[Start of section]

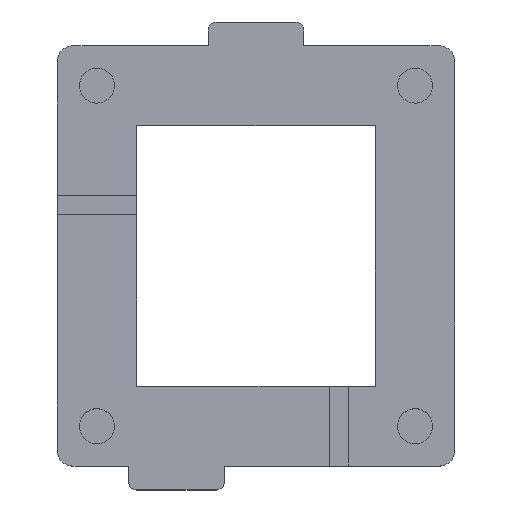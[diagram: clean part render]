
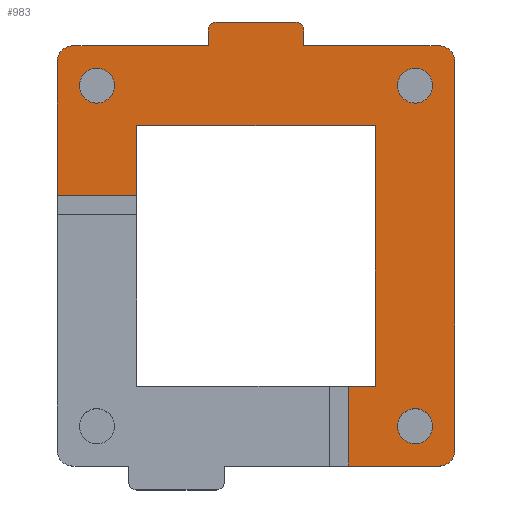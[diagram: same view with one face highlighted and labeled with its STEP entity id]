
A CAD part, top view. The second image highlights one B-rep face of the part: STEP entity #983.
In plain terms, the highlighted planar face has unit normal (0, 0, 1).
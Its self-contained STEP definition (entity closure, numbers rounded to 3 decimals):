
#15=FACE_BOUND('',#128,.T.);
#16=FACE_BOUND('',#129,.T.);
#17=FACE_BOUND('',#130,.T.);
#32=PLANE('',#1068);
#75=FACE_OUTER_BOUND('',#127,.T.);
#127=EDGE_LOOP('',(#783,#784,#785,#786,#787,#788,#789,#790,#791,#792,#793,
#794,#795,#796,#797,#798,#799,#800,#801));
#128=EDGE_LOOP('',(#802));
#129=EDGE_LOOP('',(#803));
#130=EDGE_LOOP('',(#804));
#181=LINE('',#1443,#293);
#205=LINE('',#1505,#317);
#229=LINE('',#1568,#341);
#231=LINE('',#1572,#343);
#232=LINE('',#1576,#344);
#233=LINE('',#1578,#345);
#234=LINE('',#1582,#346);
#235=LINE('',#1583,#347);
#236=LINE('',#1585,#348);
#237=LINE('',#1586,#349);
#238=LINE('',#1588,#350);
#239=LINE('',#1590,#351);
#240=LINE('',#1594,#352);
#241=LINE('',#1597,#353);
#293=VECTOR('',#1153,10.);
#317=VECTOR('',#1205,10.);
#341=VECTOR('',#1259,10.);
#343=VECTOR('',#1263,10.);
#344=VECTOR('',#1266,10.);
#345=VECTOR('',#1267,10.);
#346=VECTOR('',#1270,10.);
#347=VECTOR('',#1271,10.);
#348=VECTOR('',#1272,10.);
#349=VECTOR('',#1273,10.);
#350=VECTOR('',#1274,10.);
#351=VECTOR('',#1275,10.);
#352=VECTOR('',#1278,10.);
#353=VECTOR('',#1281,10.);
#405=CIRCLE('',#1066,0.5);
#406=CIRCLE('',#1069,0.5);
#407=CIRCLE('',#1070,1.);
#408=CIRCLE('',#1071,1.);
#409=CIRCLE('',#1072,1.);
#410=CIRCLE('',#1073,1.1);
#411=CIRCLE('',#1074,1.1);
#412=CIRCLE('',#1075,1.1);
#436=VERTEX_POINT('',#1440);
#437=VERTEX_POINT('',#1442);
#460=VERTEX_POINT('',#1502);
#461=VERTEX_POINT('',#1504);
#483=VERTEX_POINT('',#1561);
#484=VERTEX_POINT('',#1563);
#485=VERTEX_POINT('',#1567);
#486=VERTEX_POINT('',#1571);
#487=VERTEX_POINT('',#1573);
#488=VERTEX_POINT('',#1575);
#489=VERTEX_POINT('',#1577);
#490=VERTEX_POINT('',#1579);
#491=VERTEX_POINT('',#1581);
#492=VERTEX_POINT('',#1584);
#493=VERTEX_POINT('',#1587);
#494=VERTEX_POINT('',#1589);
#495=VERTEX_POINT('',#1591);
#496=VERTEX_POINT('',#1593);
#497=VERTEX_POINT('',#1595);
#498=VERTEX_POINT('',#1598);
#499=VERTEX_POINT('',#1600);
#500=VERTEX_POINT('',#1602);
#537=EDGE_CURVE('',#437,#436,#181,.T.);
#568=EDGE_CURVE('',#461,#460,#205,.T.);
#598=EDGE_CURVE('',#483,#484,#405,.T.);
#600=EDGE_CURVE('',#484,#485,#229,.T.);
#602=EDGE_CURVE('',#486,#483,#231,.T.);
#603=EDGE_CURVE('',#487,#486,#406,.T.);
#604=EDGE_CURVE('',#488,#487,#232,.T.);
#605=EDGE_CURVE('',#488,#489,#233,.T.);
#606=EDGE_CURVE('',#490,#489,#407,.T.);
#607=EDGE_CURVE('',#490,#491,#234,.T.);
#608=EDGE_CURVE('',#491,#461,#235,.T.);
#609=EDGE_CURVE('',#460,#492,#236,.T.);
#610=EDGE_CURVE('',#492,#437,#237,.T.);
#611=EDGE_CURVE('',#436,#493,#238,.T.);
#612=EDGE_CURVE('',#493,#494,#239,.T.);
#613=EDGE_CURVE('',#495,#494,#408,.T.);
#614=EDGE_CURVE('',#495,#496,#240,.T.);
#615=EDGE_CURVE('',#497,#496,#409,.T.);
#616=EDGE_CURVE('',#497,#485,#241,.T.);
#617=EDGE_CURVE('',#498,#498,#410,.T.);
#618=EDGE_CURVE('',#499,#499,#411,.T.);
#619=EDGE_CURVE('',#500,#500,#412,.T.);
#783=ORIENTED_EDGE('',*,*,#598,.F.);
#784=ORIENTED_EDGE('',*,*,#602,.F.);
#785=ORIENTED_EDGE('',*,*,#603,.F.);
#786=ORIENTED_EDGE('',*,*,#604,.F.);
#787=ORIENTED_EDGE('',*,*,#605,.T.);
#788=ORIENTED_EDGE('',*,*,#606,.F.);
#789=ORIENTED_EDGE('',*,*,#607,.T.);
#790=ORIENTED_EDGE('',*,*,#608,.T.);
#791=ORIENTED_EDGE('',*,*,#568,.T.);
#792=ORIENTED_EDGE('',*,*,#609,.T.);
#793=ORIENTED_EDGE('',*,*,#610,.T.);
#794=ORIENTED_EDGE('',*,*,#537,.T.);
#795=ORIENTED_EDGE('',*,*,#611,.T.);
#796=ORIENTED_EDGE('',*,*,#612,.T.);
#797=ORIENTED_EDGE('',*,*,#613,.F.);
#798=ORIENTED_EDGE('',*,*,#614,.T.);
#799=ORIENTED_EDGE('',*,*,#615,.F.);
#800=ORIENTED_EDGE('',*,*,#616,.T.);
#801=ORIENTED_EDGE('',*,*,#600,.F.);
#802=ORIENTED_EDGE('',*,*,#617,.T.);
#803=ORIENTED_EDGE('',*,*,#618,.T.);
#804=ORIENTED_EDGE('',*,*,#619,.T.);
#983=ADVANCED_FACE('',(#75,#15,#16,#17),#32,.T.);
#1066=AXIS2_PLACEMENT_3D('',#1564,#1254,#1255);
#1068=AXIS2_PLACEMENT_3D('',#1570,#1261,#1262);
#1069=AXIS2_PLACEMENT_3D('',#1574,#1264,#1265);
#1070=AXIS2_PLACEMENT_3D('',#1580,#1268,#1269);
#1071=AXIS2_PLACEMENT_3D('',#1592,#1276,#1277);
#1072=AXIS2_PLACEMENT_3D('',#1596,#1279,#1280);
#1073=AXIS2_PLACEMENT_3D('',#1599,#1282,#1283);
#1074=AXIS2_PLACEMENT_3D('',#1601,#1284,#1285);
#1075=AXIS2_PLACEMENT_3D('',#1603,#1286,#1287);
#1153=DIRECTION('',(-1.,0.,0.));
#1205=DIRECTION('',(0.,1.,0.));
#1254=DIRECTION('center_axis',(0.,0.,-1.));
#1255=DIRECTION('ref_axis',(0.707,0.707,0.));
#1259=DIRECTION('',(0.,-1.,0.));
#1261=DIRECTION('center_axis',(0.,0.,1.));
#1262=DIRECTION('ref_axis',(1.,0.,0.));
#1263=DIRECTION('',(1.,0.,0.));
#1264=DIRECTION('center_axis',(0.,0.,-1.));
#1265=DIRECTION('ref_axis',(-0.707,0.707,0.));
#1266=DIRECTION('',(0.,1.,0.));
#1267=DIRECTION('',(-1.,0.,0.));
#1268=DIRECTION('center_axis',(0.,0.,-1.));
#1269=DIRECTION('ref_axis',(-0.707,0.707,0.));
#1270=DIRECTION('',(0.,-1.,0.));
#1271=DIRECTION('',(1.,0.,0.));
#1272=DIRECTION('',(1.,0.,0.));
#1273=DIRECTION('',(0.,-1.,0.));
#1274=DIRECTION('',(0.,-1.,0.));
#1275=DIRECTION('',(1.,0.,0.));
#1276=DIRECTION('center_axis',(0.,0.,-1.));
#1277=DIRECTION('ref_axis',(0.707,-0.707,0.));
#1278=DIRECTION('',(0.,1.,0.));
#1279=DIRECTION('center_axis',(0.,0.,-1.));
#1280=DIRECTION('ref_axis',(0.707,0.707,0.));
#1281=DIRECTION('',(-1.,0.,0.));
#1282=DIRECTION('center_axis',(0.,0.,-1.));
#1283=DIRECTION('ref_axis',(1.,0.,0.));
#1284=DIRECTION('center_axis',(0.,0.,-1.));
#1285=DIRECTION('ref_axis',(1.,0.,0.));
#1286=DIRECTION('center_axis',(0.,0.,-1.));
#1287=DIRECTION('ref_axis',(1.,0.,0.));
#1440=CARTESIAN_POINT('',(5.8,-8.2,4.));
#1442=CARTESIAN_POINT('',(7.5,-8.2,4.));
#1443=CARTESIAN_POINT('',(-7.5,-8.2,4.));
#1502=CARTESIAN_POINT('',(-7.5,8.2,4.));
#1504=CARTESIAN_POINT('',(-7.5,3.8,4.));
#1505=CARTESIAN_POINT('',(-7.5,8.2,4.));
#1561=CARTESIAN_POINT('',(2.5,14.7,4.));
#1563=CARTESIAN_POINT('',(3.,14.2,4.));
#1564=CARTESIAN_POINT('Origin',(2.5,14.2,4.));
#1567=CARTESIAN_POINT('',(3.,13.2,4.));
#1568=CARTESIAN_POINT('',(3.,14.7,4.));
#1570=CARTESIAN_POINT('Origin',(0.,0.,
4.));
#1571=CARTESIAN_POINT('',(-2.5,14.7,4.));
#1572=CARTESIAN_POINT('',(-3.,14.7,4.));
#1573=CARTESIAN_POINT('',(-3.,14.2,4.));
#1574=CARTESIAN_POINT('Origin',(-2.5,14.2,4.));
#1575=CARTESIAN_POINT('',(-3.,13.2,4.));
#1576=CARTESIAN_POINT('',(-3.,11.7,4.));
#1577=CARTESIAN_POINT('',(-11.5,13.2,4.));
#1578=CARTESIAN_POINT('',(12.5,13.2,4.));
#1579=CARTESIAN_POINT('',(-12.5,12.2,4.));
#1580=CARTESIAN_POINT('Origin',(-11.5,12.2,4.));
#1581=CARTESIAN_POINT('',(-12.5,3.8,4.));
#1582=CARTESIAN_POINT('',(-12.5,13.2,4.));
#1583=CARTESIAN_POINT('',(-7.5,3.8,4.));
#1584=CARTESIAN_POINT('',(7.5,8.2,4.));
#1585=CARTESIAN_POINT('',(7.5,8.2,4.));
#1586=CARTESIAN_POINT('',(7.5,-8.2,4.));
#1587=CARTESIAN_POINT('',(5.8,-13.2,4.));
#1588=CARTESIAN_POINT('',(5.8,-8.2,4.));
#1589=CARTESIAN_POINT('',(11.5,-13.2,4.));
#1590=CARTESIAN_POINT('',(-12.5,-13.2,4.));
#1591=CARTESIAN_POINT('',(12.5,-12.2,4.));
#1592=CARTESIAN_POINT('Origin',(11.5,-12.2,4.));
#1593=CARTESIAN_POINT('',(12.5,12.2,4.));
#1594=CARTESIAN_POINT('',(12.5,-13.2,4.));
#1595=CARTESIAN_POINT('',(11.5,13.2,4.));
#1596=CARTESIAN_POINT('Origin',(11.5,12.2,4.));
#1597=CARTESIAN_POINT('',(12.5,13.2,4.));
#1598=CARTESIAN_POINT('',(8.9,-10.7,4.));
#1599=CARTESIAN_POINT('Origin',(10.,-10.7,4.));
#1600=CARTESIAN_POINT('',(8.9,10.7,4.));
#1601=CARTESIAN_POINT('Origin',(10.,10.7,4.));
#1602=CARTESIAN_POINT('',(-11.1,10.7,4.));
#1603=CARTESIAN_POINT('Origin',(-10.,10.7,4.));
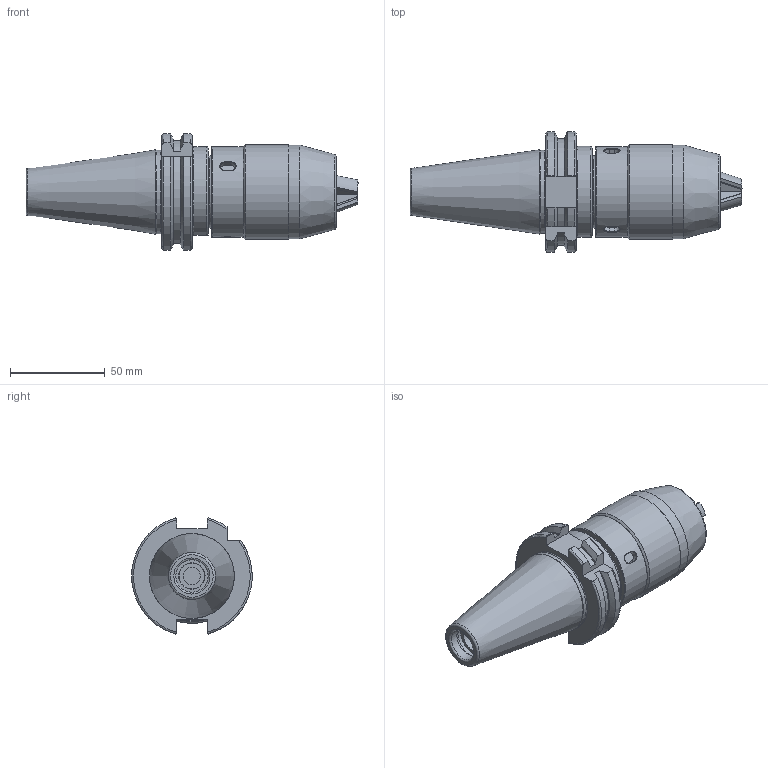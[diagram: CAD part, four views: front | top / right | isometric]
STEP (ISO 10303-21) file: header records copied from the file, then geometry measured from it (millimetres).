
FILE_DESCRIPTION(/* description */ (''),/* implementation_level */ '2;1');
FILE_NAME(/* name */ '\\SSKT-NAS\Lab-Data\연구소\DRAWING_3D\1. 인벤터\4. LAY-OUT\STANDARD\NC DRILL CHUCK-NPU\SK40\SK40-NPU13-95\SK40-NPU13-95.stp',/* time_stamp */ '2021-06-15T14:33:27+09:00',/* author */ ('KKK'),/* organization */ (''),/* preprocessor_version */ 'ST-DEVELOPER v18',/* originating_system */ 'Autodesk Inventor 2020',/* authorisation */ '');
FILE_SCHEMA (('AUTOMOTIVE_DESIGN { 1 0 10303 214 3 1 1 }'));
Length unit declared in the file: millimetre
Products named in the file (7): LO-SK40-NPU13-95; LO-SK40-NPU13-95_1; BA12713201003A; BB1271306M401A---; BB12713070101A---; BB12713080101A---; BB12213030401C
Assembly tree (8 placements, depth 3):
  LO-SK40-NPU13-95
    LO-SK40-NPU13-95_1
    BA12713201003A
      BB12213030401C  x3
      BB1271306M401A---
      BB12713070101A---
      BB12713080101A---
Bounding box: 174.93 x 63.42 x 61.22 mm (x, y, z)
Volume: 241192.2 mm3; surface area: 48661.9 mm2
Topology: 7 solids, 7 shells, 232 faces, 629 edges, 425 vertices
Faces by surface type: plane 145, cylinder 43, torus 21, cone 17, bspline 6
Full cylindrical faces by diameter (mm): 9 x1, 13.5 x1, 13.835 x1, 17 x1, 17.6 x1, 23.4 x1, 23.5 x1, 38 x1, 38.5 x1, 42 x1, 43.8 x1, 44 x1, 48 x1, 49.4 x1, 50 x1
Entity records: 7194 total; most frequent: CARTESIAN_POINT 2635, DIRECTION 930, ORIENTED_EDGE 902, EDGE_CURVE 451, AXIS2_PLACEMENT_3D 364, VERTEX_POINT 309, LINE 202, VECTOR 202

[End of section]

# EXERCISE REQUIREMENTS
The lines needed are those in the data above that hold the string "unit"; copy each of them.

# EXERCISE SOLUTION
In plain terms, the highlighted planar face has unit normal (0, 0, 1).
Length unit declared in the file: millimetre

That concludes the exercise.